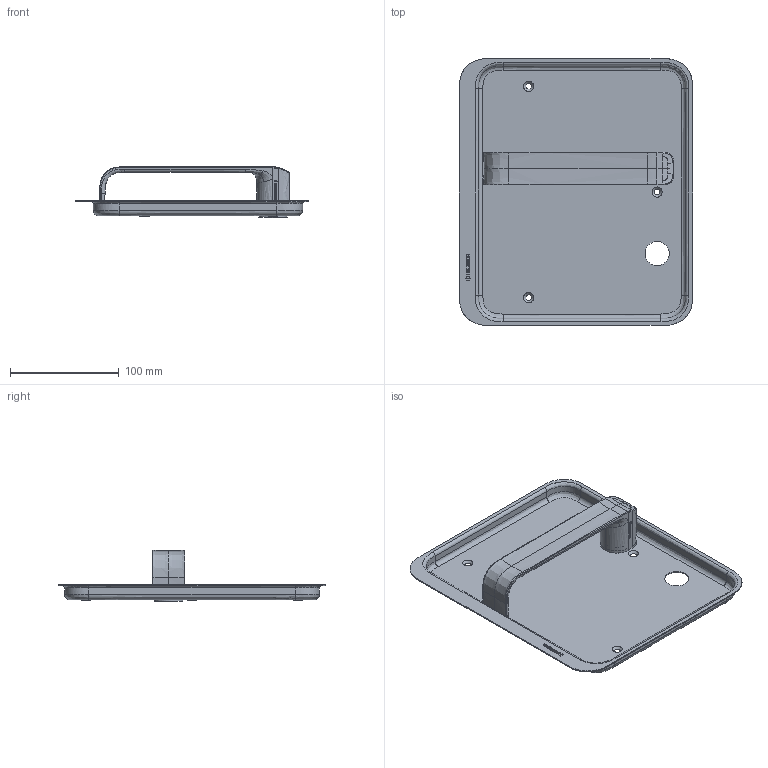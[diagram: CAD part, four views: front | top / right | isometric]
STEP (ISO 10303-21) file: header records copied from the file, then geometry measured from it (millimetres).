
FILE_DESCRIPTION(/* description */ (''),/* implementation_level */ '2;1');
FILE_NAME(/* name */ 'M:\LOC Heusser-Muscheln\Muschel Serie 9\Muschel Serie 9 EN179\S9.13.D4 Links\Heusser-Muschel S9.13.D4.278L.stp',/* time_stamp */ '2020-10-08T10:10:56+02:00',/* author */ ('gm'),/* organization */ (''),/* preprocessor_version */ 'ST-DEVELOPER v16.5',/* originating_system */ 'Autodesk Inventor 2017',/* authorisation */ '');
FILE_SCHEMA (('AUTOMOTIVE_DESIGN { 1 0 10303 214 3 1 1 }'));
Length unit declared in the file: millimetre
Products named in the file (1): S9.13.D4.0L
Bounding box: 214 x 245 x 47.34 mm (x, y, z)
Volume: 112692.1 mm3; surface area: 141496.5 mm2
Topology: 1 solids, 2 shells, 600 faces, 1586 edges, 1034 vertices
Faces by surface type: plane 290, bspline 267, cylinder 25, cone 18
Full cylindrical faces by diameter (mm): 1.7 x2, 4.917 x1, 14.2 x1, 16 x3, 18 x1, 19 x1, 19.1 x1, 22.3 x1, 23 x1, 23.2 x1, 24 x1, 25 x1, 26 x1, 28 x1, 28.6 x1
Entity records: 29549 total; most frequent: CARTESIAN_POINT 15845, ORIENTED_EDGE 3082, DIRECTION 1897, EDGE_CURVE 1541, VERTEX_POINT 1025, LINE 883, VECTOR 883, EDGE_LOOP 698
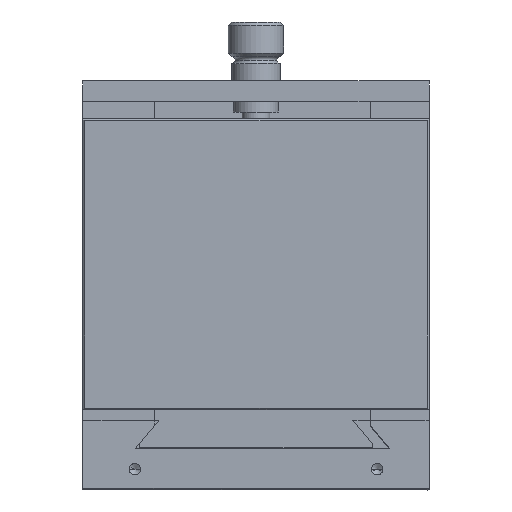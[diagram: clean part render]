
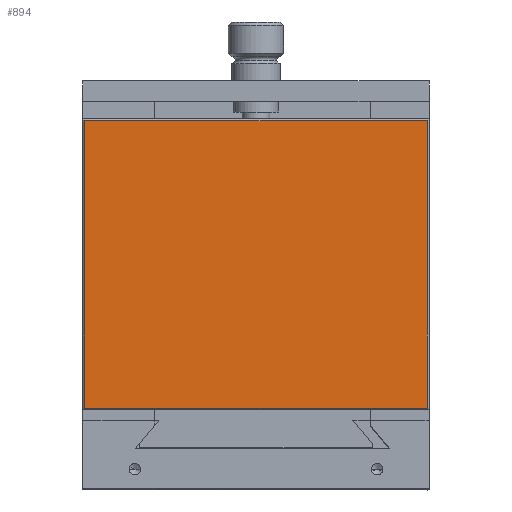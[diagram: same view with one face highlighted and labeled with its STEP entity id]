
A CAD part, front view. The second image highlights one B-rep face of the part: STEP entity #894.
In plain terms, the highlighted planar face has unit normal (0, -1, 0).
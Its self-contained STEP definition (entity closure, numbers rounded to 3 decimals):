
#232=DIRECTION('',(0.,0.,1.));
#233=VECTOR('',#232,83.);
#234=CARTESIAN_POINT('',(-99.5,0.,0.5));
#235=LINE('',#234,#233);
#240=DIRECTION('',(1.,0.,0.));
#241=VECTOR('',#240,99.);
#242=CARTESIAN_POINT('',(-99.5,0.,83.5));
#243=LINE('',#242,#241);
#256=DIRECTION('',(0.,0.,-1.));
#257=VECTOR('',#256,83.);
#258=CARTESIAN_POINT('',(-0.5,0.,83.5));
#259=LINE('',#258,#257);
#276=DIRECTION('',(-1.,0.,0.));
#277=VECTOR('',#276,99.);
#278=CARTESIAN_POINT('',(-0.5,0.,0.5));
#279=LINE('',#278,#277);
#415=CARTESIAN_POINT('',(-0.5,0.,83.5));
#417=VERTEX_POINT('',#415);
#426=CARTESIAN_POINT('',(-99.5,0.,83.5));
#427=VERTEX_POINT('',#426);
#484=CARTESIAN_POINT('',(-0.5,0.,0.5));
#485=CARTESIAN_POINT('',(-99.5,0.,0.5));
#486=VERTEX_POINT('',#484);
#487=VERTEX_POINT('',#485);
#883=CARTESIAN_POINT('',(0.,0.,84.));
#884=DIRECTION('',(0.,1.,0.));
#885=DIRECTION('',(-1.,0.,0.));
#886=AXIS2_PLACEMENT_3D('',#883,#884,#885);
#887=PLANE('',#886);
#888=ORIENTED_EDGE('',*,*,#849,.T.);
#889=ORIENTED_EDGE('',*,*,#863,.T.);
#890=ORIENTED_EDGE('',*,*,#878,.T.);
#891=ORIENTED_EDGE('',*,*,#834,.T.);
#892=EDGE_LOOP('',(#888,#889,#890,#891));
#893=FACE_OUTER_BOUND('',#892,.F.);
#894=ADVANCED_FACE('',(#893),#887,.F.);
#834=EDGE_CURVE('',#487,#427,#235,.T.);
#849=EDGE_CURVE('',#427,#417,#243,.T.);
#863=EDGE_CURVE('',#417,#486,#259,.T.);
#878=EDGE_CURVE('',#486,#487,#279,.T.);
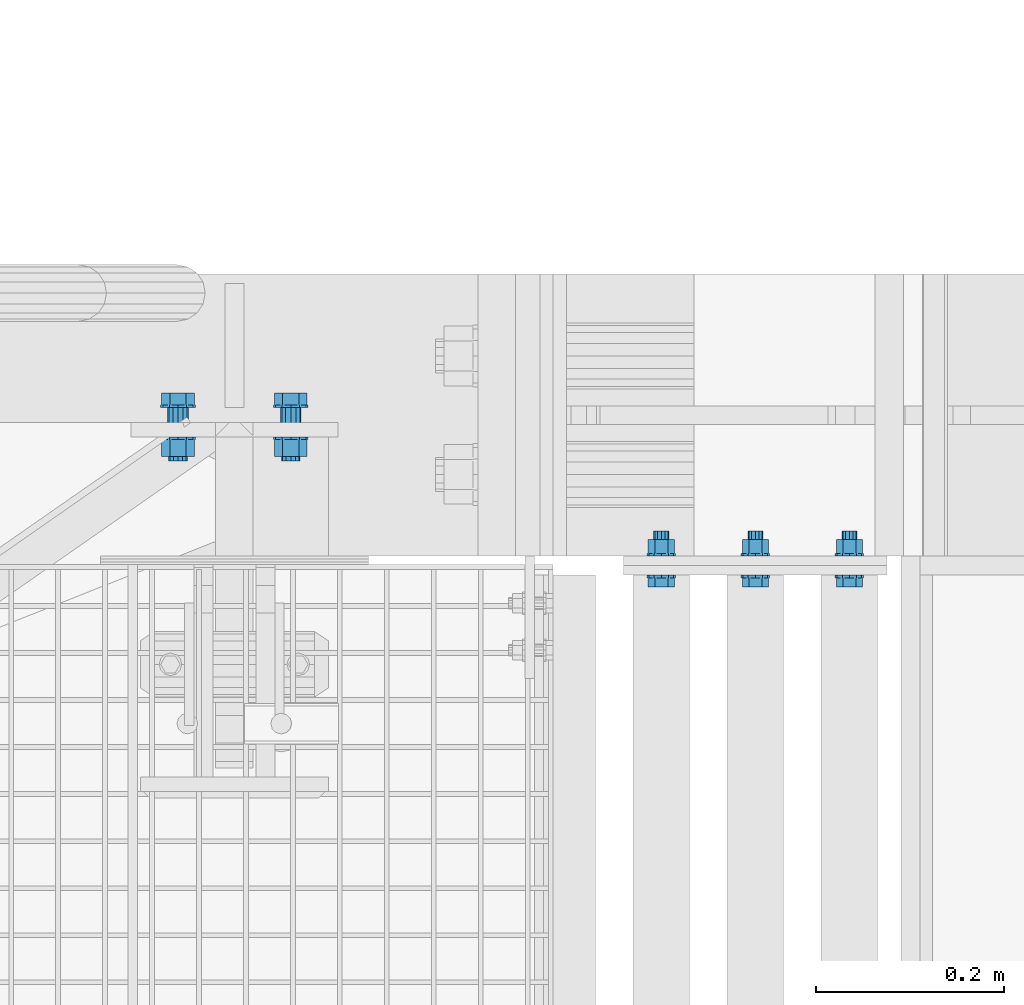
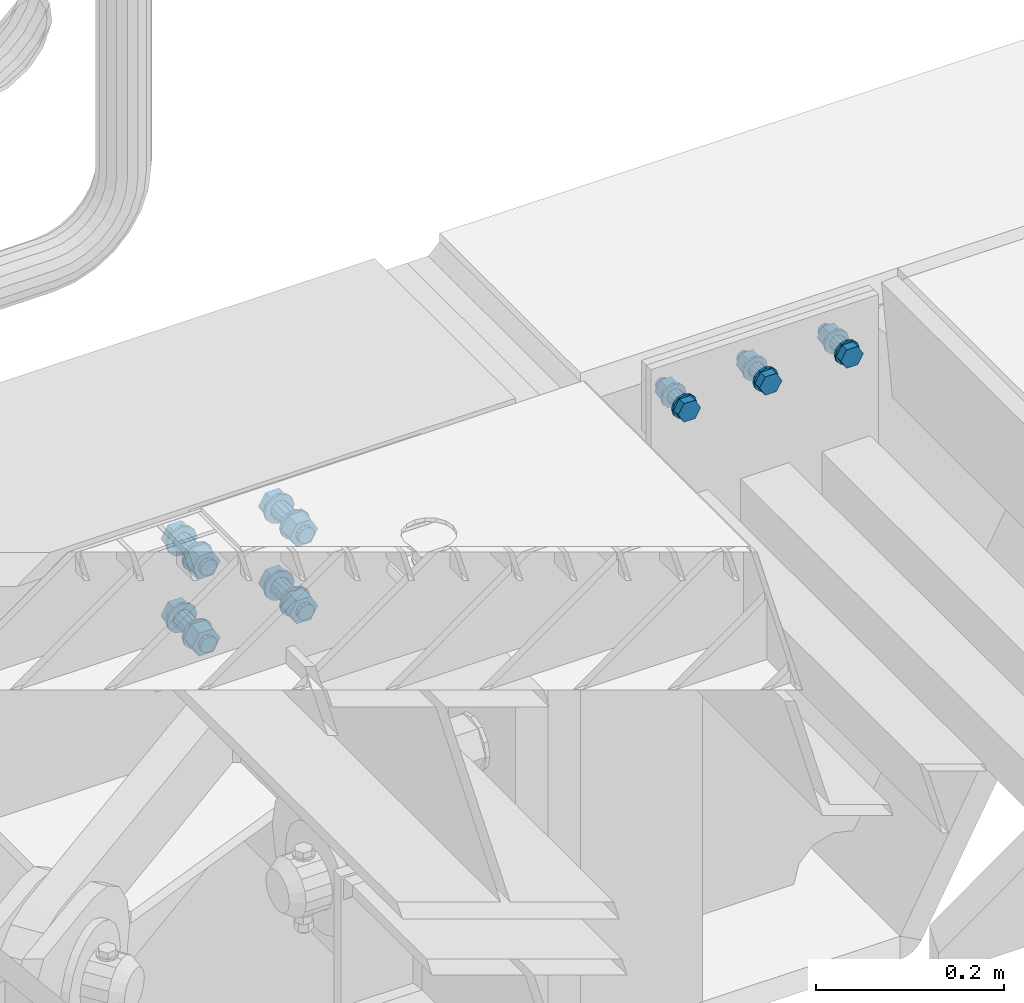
# One storey, part 59 of 1530: 2 mechanical fasteners.
"""IFC2X3 building model written with IfcOpenShell, lengths in millimetres."""

from ifc_helpers import new_model, si_unit, frame, origin_with_axes, place, context, subcontext, project, spatial, faceted_brep, source, transform, mapped, material, type_object, element, save


model = new_model("IFC2X3")

# Units and contexts
model_context = context("Model", 3, precision=1e-05, world=origin_with_axes())
body_context = subcontext(model_context, "Body", "Model", "MODEL_VIEW")
ifc_project = project(units=[si_unit("LENGTHUNIT", "METRE", prefix="MILLI"), si_unit("AREAUNIT", "SQUARE_METRE"), si_unit("VOLUMEUNIT", "CUBIC_METRE"), si_unit("MASSUNIT", "GRAM", prefix="KILO"), si_unit("TIMEUNIT", "SECOND"), si_unit("PLANEANGLEUNIT", "RADIAN"), si_unit("SOLIDANGLEUNIT", "STERADIAN"), si_unit("THERMODYNAMICTEMPERATUREUNIT", "DEGREE_CELSIUS"), si_unit("LUMINOUSINTENSITYUNIT", "LUMEN")], contexts=[model_context])

# Site, building, storey
site_placement = place(None, origin_with_axes())
site = spatial("IfcSite", under=ifc_project, at=site_placement, Name="Brattvåg", CompositionType="ELEMENT")
building_placement = place(site_placement, origin_with_axes())
building = spatial("IfcBuilding", under=site, at=building_placement, Name="Undefined", CompositionType="ELEMENT")
storey_placement = place(building_placement, origin_with_axes())
storey = spatial("IfcBuildingStorey", under=building, at=storey_placement, Name="Undefined", CompositionType="ELEMENT", Elevation=0.0)

# Mechanical fasteners
ifc_material = material(Name="8")
mechanical_fastener_type = type_object("IfcMechanicalFastenerType", Name="Bolt assembly")
shared_shape_1 = source(origin_with_axes(), body_context, "Body", "Brep", [
    faceted_brep([(13.856406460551, -13.0, 0.0), (6.92820323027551, -13.0, 12.0), (-6.92820323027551, -13.0, 12.0), (-13.856406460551, -13.0, 1.69692038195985e-15), (-6.92820323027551, -13.0, -12.0), (6.9282032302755, -13.0, -12.0), (6.9282032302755, -3.0, -12.0), (-6.92820323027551, -3.0, -12.0), (-13.856406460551, -3.0, 1.69692038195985e-15), (-6.92820323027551, -3.0, 12.0), (6.92820323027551, -3.0, 12.0), (13.856406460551, -3.0, 0.0), (8.0, -3.0, 0.0), (6.92820323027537, -3.0, 4.00000000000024), (3.99999999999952, -3.0, 6.92820323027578), (-8.29068785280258e-13, -3.0, 8.0), (-4.00000000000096, -3.0, 6.92820323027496), (-6.9282032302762, -3.0, 3.99999999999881), (-8.0, -3.0, -1.65813757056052e-12), (-6.92820323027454, -3.0, -4.00000000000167), (-3.99999999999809, -3.0, -6.92820323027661), (2.47832457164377e-12, -3.0, -8.0), (4.00000000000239, -3.0, -6.92820323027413), (6.92820323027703, -3.0, -3.99999999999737), (6.92820323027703, 47.0, -3.99999999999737), (4.00000000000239, 47.0, -6.92820323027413), (2.47832457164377e-12, 47.0, -8.0), (-3.99999999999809, 47.0, -6.92820323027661), (-6.92820323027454, 47.0, -4.00000000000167), (-8.0, 47.0, -1.65813757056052e-12), (-6.9282032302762, 47.0, 3.99999999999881), (-4.00000000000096, 47.0, 6.92820323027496), (-8.29068785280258e-13, 47.0, 8.0), (3.99999999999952, 47.0, 6.92820323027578), (6.92820323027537, 47.0, 4.00000000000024), (8.0, 47.0, 0.0), (15.0, -3.0, 0.0), (12.9903810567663, -3.0, 7.50000000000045), (7.4999999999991, -3.0, 12.9903810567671), (-1.55450397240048e-12, -3.0, 15.0), (-7.50000000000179, -3.0, 12.9903810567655), (-12.9903810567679, -3.0, 7.49999999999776), (-15.0, -3.0, -3.10900794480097e-12), (-12.9903810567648, -3.0, -7.50000000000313), (-7.49999999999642, -3.0, -12.9903810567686), (4.64685857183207e-12, -3.0, -15.0), (7.50000000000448, -3.0, -12.990381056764), (12.9903810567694, -3.0, -7.49999999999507), (12.9903810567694, 0.0, -7.49999999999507), (7.50000000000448, 0.0, -12.990381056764), (0.0, 0.0, -15.0), (-7.49999999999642, 0.0, -12.9903810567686), (-12.9903810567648, 0.0, -7.50000000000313), (-15.0, 0.0, -3.10900794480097e-12), (-12.9903810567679, 0.0, 7.49999999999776), (-7.50000000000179, 0.0, 12.9903810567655), (0.0, 0.0, 15.0), (7.4999999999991, 0.0, 12.9903810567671), (12.9903810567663, 0.0, 7.50000000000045), (15.0, 0.0, 0.0), (15.0, 20.0002288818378, 0.0), (12.9903810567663, 20.0002288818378, 7.50000000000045), (7.4999999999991, 20.0002288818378, 12.9903810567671), (-1.55450397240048e-12, 20.0002288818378, 15.0), (-7.50000000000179, 20.0002288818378, 12.9903810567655), (-12.9903810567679, 20.0002288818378, 7.49999999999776), (-15.0, 20.0002288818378, -3.10900794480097e-12), (-12.9903810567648, 20.0002288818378, -7.50000000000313), (-7.49999999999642, 20.0002288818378, -12.9903810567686), (4.64685857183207e-12, 20.0002288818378, -15.0), (7.50000000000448, 20.0002288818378, -12.990381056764), (12.9903810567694, 20.0002288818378, -7.49999999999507), (12.9903810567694, 23.0002288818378, -7.49999999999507), (7.50000000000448, 23.0002288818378, -12.990381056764), (4.64685857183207e-12, 23.0002288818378, -15.0), (-7.49999999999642, 23.0002288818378, -12.9903810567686), (-12.9903810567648, 23.0002288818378, -7.50000000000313), (-15.0, 23.0002288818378, -3.10900794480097e-12), (-12.9903810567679, 23.0002288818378, 7.49999999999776), (-7.50000000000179, 23.0002288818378, 12.9903810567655), (-1.55450397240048e-12, 23.0002288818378, 15.0), (7.4999999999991, 23.0002288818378, 12.9903810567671), (12.9903810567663, 23.0002288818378, 7.50000000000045), (15.0, 23.0002288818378, 0.0), (13.856406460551, 23.0002288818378, 0.0), (6.92820323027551, 23.0002288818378, 12.0), (-6.92820323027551, 23.0002288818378, 12.0), (-13.856406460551, 23.0002288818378, 1.69692038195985e-15), (-6.92820323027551, 23.0002288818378, -12.0), (6.9282032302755, 23.0002288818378, -12.0), (6.9282032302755, 37.8002290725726, -12.0), (-6.92820323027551, 37.8002290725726, -12.0), (-13.856406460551, 37.8002290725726, 1.69692038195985e-15), (-6.92820323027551, 37.8002290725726, 12.0), (6.92820323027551, 37.8002290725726, 12.0), (13.856406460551, 37.8002290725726, 0.0)], [[[0, 1, 2, 3, 4, 5]], [[6, 7, 8, 9, 10, 11]], [[0, 11, 10, 1]], [[1, 10, 9, 2]], [[2, 9, 8, 3]], [[3, 8, 7, 4]], [[4, 7, 6, 5]], [[5, 6, 11, 0]], [[12, 13, 14, 15, 16, 17, 18, 19, 20, 21, 22, 23]], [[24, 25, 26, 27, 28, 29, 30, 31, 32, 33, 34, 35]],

..............................

Please restate the material above line by line, exactly, beginning at its first line and ending with the line that contains "[diagram: clean part render]", without any pictures.

**RESPONSE**
[diagram: CAD part, four views: front | top / right | isometric]
STEP (ISO 10303-21) file: header records copied from the file, then geometry measured from it (millimetres).
FILE_DESCRIPTION(/* description */ (''),/* implementation_level */ '2;1');
FILE_NAME(/* name */ 'M:\LOC Heusser-Muscheln\Muschel Serie 9\Muschel Serie 9 EN179\S9.13.D4 Links\Heusser-Muschel S9.13.D4.278L.stp',/* time_stamp */ '2020-10-08T10:10:56+02:00',/* author */ ('gm'),/* organization */ (''),/* preprocessor_version */ 'ST-DEVELOPER v16.5',/* originating_system */ 'Autodesk Inventor 2017',/* authorisation */ '');
FILE_SCHEMA (('AUTOMOTIVE_DESIGN { 1 0 10303 214 3 1 1 }'));
Length unit declared in the file: millimetre
Products named in the file (1): S9.13.D4.0L
Bounding box: 214 x 245 x 47.34 mm (x, y, z)
Volume: 112692.1 mm3; surface area: 141496.5 mm2
Topology: 1 solids, 2 shells, 600 faces, 1586 edges, 1034 vertices
Faces by surface type: plane 290, bspline 267, cylinder 25, cone 18
Full cylindrical faces by diameter (mm): 1.7 x2, 4.917 x1, 14.2 x1, 16 x3, 18 x1, 19 x1, 19.1 x1, 22.3 x1, 23 x1, 23.2 x1, 24 x1, 25 x1, 26 x1, 28 x1, 28.6 x1
Entity records: 29549 total; most frequent: CARTESIAN_POINT 15845, ORIENTED_EDGE 3082, DIRECTION 1897, EDGE_CURVE 1541, VERTEX_POINT 1025, LINE 883, VECTOR 883, EDGE_LOOP 698
[diagram: clean part render]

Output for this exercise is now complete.